### PROBLEM DESCRIPTION
Each line of the data below from the one holding "#8916 = LINE ( 'NONE', #1568, #8912 ) ;" to the one holding "#11466 = ORIENTED_EDGE", inclusive, is to be reproduced exactly; no other line belongs in the answer.

Dataset records
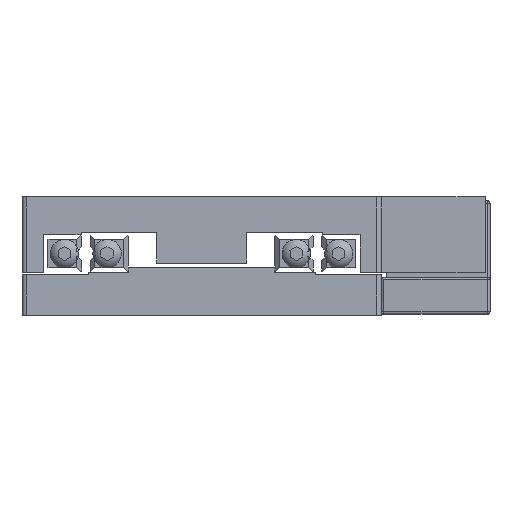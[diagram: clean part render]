
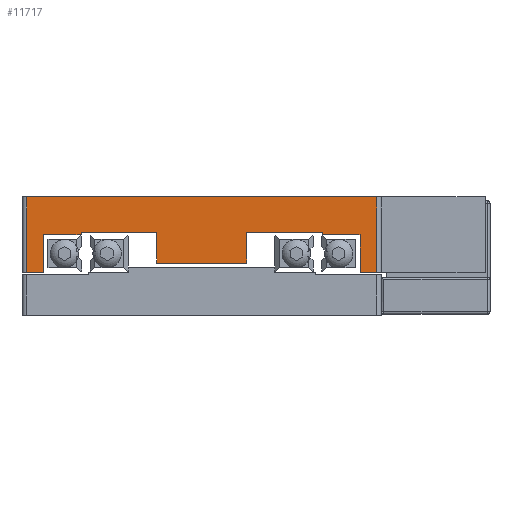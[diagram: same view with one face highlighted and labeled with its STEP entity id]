
A CAD part, left-side view. The second image highlights one B-rep face of the part: STEP entity #11717.
In plain terms, the highlighted planar face has unit normal (-1, 0, 0).
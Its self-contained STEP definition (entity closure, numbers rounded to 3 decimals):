
#1428 = CARTESIAN_POINT ( 'NONE',  ( -118.892, -18.442, 12.959 ) ) ;
#1437 = DIRECTION ( 'NONE',  ( 0., -1., 0. ) ) ;
#1473 = CARTESIAN_POINT ( 'NONE',  ( -118.892, -18.442, 12.959 ) ) ;
#1479 = CARTESIAN_POINT ( 'NONE',  ( -118.892, 7.058, 12.459 ) ) ;
#1480 = DIRECTION ( 'NONE',  ( 0., 0., 1. ) ) ;
#1485 = CARTESIAN_POINT ( 'NONE',  ( -118.892, -18.442, 12.459 ) ) ;
#1486 = DIRECTION ( 'NONE',  ( 0., -1., 0. ) ) ;
#1493 = CARTESIAN_POINT ( 'NONE',  ( -118.892, -18.442, 4.459 ) ) ;
#1497 = DIRECTION ( 'NONE',  ( 0., -1., 0. ) ) ;
#1499 = CARTESIAN_POINT ( 'NONE',  ( -118.892, -18.442, 4.459 ) ) ;
#1504 = DIRECTION ( 'NONE',  ( 0., -1., 0. ) ) ;
#1513 = DIRECTION ( 'NONE',  ( 0., -1., 0. ) ) ;
#1536 = CARTESIAN_POINT ( 'NONE',  ( -118.892, -18.442, 6.459 ) ) ;
#1545 = CARTESIAN_POINT ( 'NONE',  ( -118.892, -27.942, 12.459 ) ) ;
#1546 = DIRECTION ( 'NONE',  ( 0., 0., 1. ) ) ;
#1551 = DIRECTION ( 'NONE',  ( 0., -1., 0. ) ) ;
#1568 = CARTESIAN_POINT ( 'NONE',  ( -118.892, -43.942, 12.459 ) ) ;
#1572 = DIRECTION ( 'NONE',  ( 0., 0., -1. ) ) ;
#2171 = CARTESIAN_POINT ( 'NONE',  ( -118.892, -51.942, 12.459 ) ) ;
#2174 = DIRECTION ( 'NONE',  ( 0., 0., -1. ) ) ;
#2401 = CARTESIAN_POINT ( 'NONE',  ( -118.892, -18.442, 12.459 ) ) ;
#2402 = PLANE ( 'NONE',  #4181 ) ;
#2405 = DIRECTION ( 'NONE',  ( -1., 0., 0. ) ) ;
#2406 = DIRECTION ( 'NONE',  ( 0., 0., 1. ) ) ;
#4181 = AXIS2_PLACEMENT_3D ( 'NONE', #2401, #2405, #2406 ) ;
#5768 = EDGE_LOOP ( 'NONE', ( #11494, #11493, #11491, #11489, #11487, #11485, #11484, #11482, #11480, #11478, #11477, #11475, #11473, #11471, #11469, #11466 ) ) ;
#6967 = DIRECTION ( 'NONE',  ( 0., 0., -1. ) ) ;
#6976 = CARTESIAN_POINT ( 'NONE',  ( -118.892, -8.942, 12.459 ) ) ;
#7221 = CARTESIAN_POINT ( 'NONE',  ( -118.892, 15.058, 12.459 ) ) ;
#8732 = VECTOR ( 'NONE', #2174, 1000. ) ;
#8735 = LINE ( 'NONE', #2171, #8732 ) ;
#8912 = VECTOR ( 'NONE', #1572, 1000. ) ;
#8916 = LINE ( 'NONE', #1568, #8912 ) ;
#8924 = VECTOR ( 'NONE', #1551, 1000. ) ;
#8930 = VECTOR ( 'NONE', #1546, 1000. ) ;
#8932 = LINE ( 'NONE', #1545, #8930 ) ;
#8936 = LINE ( 'NONE', #1536, #8924 ) ;
#8948 = VECTOR ( 'NONE', #1513, 1000. ) ;
#8950 = LINE ( 'NONE', #1499, #8948 ) ;
#8956 = VECTOR ( 'NONE', #1504, 1000. ) ;
#8962 = LINE ( 'NONE', #1493, #8956 ) ;
#8963 = VECTOR ( 'NONE', #1497, 1000. ) ;
#8965 = LINE ( 'NONE', #1473, #8963 ) ;
#8973 = VECTOR ( 'NONE', #1486, 1000. ) ;
#8976 = LINE ( 'NONE', #1485, #8973 ) ;
#8979 = VECTOR ( 'NONE', #1480, 1000. ) ;
#8982 = LINE ( 'NONE', #1479, #8979 ) ;
#8994 = VECTOR ( 'NONE', #1437, 1000. ) ;
#8996 = LINE ( 'NONE', #1428, #8994 ) ;
#11466 = ORIENTED_EDGE ( 'NONE', *, *, #13901, .T. ) ;
#11469 = ORIENTED_EDGE ( 'NONE', *, *, #17479, .T. ) ;
#11471 = ORIENTED_EDGE ( 'NONE', *, *, #17623, .T. ) ;
#11473 = ORIENTED_EDGE ( 'NONE', *, *, #17470, .T. ) ;
#11475 = ORIENTED_EDGE ( 'NONE', *, *, #17507, .T. ) ;
#11477 = ORIENTED_EDGE ( 'NONE', *, *, #17456, .T. ) ;
#11478 = ORIENTED_EDGE ( 'NONE', *, *, #17496, .T. ) ;
#11480 = ORIENTED_EDGE ( 'NONE', *, *, #17499, .T. ) ;
#11482 = ORIENTED_EDGE ( 'NONE', *, *, #13795, .T. ) ;
#11484 = ORIENTED_EDGE ( 'NONE', *, *, #17475, .T. ) ;
#11485 = ORIENTED_EDGE ( 'NONE', *, *, #17467, .T. ) ;
#11487 = ORIENTED_EDGE ( 'NONE', *, *, #13939, .T. ) ;
#11489 = ORIENTED_EDGE ( 'NONE', *, *, #13900, .T. ) ;
#11491 = ORIENTED_EDGE ( 'NONE', *, *, #17483, .T. ) ;
#11493 = ORIENTED_EDGE ( 'NONE', *, *, #13936, .T. ) ;
#11494 = ORIENTED_EDGE ( 'NONE', *, *, #13921, .F. ) ;
#11717 = ADVANCED_FACE ( 'NONE', ( #18602 ), #2402, .T. ) ;
#12679 = CARTESIAN_POINT ( 'NONE',  ( -118.892, -55.442, 20.459 ) ) ;
#12687 = DIRECTION ( 'NONE',  ( 0., 0., 1. ) ) ;
#12689 = DIRECTION ( 'NONE',  ( 0., 0., 1. ) ) ;
#12754 = CARTESIAN_POINT ( 'NONE',  ( -118.892, -18.442, 20.459 ) ) ;
#12755 = DIRECTION ( 'NONE',  ( 0., -1., 0. ) ) ;
#12782 = DIRECTION ( 'NONE',  ( 0., -1., 0. ) ) ;
#12791 = CARTESIAN_POINT ( 'NONE',  ( -118.892, 18.558, 12.459 ) ) ;
#12792 = DIRECTION ( 'NONE',  ( 0., 0., -1. ) ) ;
#12798 = CARTESIAN_POINT ( 'NONE',  ( -118.892, -18.442, 12.459 ) ) ;
#13385 = CARTESIAN_POINT ( 'NONE',  ( -118.892, -51.942, 4.459 ) ) ;
#13389 = CARTESIAN_POINT ( 'NONE',  ( -118.892, -55.442, 4.459 ) ) ;
#13390 = CARTESIAN_POINT ( 'NONE',  ( -118.892, -55.442, 20.459 ) ) ;
#13399 = CARTESIAN_POINT ( 'NONE',  ( -118.892, -51.942, 12.459 ) ) ;
#13400 = CARTESIAN_POINT ( 'NONE',  ( -118.892, -43.942, 12.959 ) ) ;
#13404 = CARTESIAN_POINT ( 'NONE',  ( -118.892, -27.942, 12.959 ) ) ;
#13405 = CARTESIAN_POINT ( 'NONE',  ( -118.892, -43.942, 12.459 ) ) ;
#13408 = CARTESIAN_POINT ( 'NONE',  ( -118.892, -27.942, 6.459 ) ) ;
#13409 = CARTESIAN_POINT ( 'NONE',  ( -118.892, -8.942, 6.459 ) ) ;
#13413 = CARTESIAN_POINT ( 'NONE',  ( -118.892, -8.942, 12.959 ) ) ;
#13415 = CARTESIAN_POINT ( 'NONE',  ( -118.892, 7.058, 12.459 ) ) ;
#13428 = CARTESIAN_POINT ( 'NONE',  ( -118.892, 7.058, 12.959 ) ) ;
#13431 = CARTESIAN_POINT ( 'NONE',  ( -118.892, 15.058, 4.459 ) ) ;
#13455 = CARTESIAN_POINT ( 'NONE',  ( -118.892, 15.058, 12.459 ) ) ;
#13460 = CARTESIAN_POINT ( 'NONE',  ( -118.892, 18.558, 4.459 ) ) ;
#13464 = CARTESIAN_POINT ( 'NONE',  ( -118.892, 18.558, 20.459 ) ) ;
#13795 = EDGE_CURVE ( 'NONE', #15432, #15428, #18113, .T. ) ;
#13900 = EDGE_CURVE ( 'NONE', #15450, #15474, #17943, .T. ) ;
#13901 = EDGE_CURVE ( 'NONE', #15408, #15409, #17944, .T. ) ;
#13921 = EDGE_CURVE ( 'NONE', #15483, #15409, #17913, .T. ) ;
#13936 = EDGE_CURVE ( 'NONE', #15483, #15479, #17888, .T. ) ;
#13939 = EDGE_CURVE ( 'NONE', #15474, #15434, #17917, .T. ) ;
#15404 = VERTEX_POINT ( 'NONE', #13385 ) ;
#15408 = VERTEX_POINT ( 'NONE', #13389 ) ;
#15409 = VERTEX_POINT ( 'NONE', #13390 ) ;
#15418 = VERTEX_POINT ( 'NONE', #13399 ) ;
#15419 = VERTEX_POINT ( 'NONE', #13400 ) ;
#15423 = VERTEX_POINT ( 'NONE', #13404 ) ;
#15424 = VERTEX_POINT ( 'NONE', #13405 ) ;
#15427 = VERTEX_POINT ( 'NONE', #13408 ) ;
#15428 = VERTEX_POINT ( 'NONE', #13409 ) ;
#15432 = VERTEX_POINT ( 'NONE', #13413 ) ;
#15434 = VERTEX_POINT ( 'NONE', #13415 ) ;
#15447 = VERTEX_POINT ( 'NONE', #13428 ) ;
#15450 = VERTEX_POINT ( 'NONE', #13431 ) ;
#15474 = VERTEX_POINT ( 'NONE', #13455 ) ;
#15479 = VERTEX_POINT ( 'NONE', #13460 ) ;
#15483 = VERTEX_POINT ( 'NONE', #13464 ) ;
#17456 = EDGE_CURVE ( 'NONE', #15423, #15419, #8996, .T. ) ;
#17467 = EDGE_CURVE ( 'NONE', #15434, #15447, #8982, .T. ) ;
#17470 = EDGE_CURVE ( 'NONE', #15424, #15418, #8976, .T. ) ;
#17475 = EDGE_CURVE ( 'NONE', #15447, #15432, #8965, .T. ) ;
#17479 = EDGE_CURVE ( 'NONE', #15404, #15408, #8962, .T. ) ;
#17483 = EDGE_CURVE ( 'NONE', #15479, #15450, #8950, .T. ) ;
#17496 = EDGE_CURVE ( 'NONE', #15427, #15423, #8932, .T. ) ;
#17499 = EDGE_CURVE ( 'NONE', #15428, #15427, #8936, .T. ) ;
#17507 = EDGE_CURVE ( 'NONE', #15419, #15424, #8916, .T. ) ;
#17623 = EDGE_CURVE ( 'NONE', #15418, #15404, #8735, .T. ) ;
#17882 = VECTOR ( 'NONE', #12782, 1000. ) ;
#17885 = VECTOR ( 'NONE', #12792, 1000. ) ;
#17888 = LINE ( 'NONE', #12791, #17885 ) ;
#17908 = VECTOR ( 'NONE', #12755, 1000. ) ;
#17913 = LINE ( 'NONE', #12754, #17908 ) ;
#17917 = LINE ( 'NONE', #12798, #17882 ) ;
#17939 = VECTOR ( 'NONE', #12687, 1000. ) ;
#17940 = VECTOR ( 'NONE', #12689, 1000. ) ;
#17943 = LINE ( 'NONE', #7221, #17939 ) ;
#17944 = LINE ( 'NONE', #12679, #17940 ) ;
#18106 = VECTOR ( 'NONE', #6967, 1000. ) ;
#18113 = LINE ( 'NONE', #6976, #18106 ) ;
#18602 = FACE_OUTER_BOUND ( 'NONE', #5768, .T. ) ;

### RESPONSE AREA
#8916 = LINE ( 'NONE', #1568, #8912 ) ;
#8924 = VECTOR ( 'NONE', #1551, 1000. ) ;
#8930 = VECTOR ( 'NONE', #1546, 1000. ) ;
#8932 = LINE ( 'NONE', #1545, #8930 ) ;
#8936 = LINE ( 'NONE', #1536, #8924 ) ;
#8948 = VECTOR ( 'NONE', #1513, 1000. ) ;
#8950 = LINE ( 'NONE', #1499, #8948 ) ;
#8956 = VECTOR ( 'NONE', #1504, 1000. ) ;
#8962 = LINE ( 'NONE', #1493, #8956 ) ;
#8963 = VECTOR ( 'NONE', #1497, 1000. ) ;
#8965 = LINE ( 'NONE', #1473, #8963 ) ;
#8973 = VECTOR ( 'NONE', #1486, 1000. ) ;
#8976 = LINE ( 'NONE', #1485, #8973 ) ;
#8979 = VECTOR ( 'NONE', #1480, 1000. ) ;
#8982 = LINE ( 'NONE', #1479, #8979 ) ;
#8994 = VECTOR ( 'NONE', #1437, 1000. ) ;
#8996 = LINE ( 'NONE', #1428, #8994 ) ;
#11466 = ORIENTED_EDGE ( 'NONE', *, *, #13901, .T. ) ;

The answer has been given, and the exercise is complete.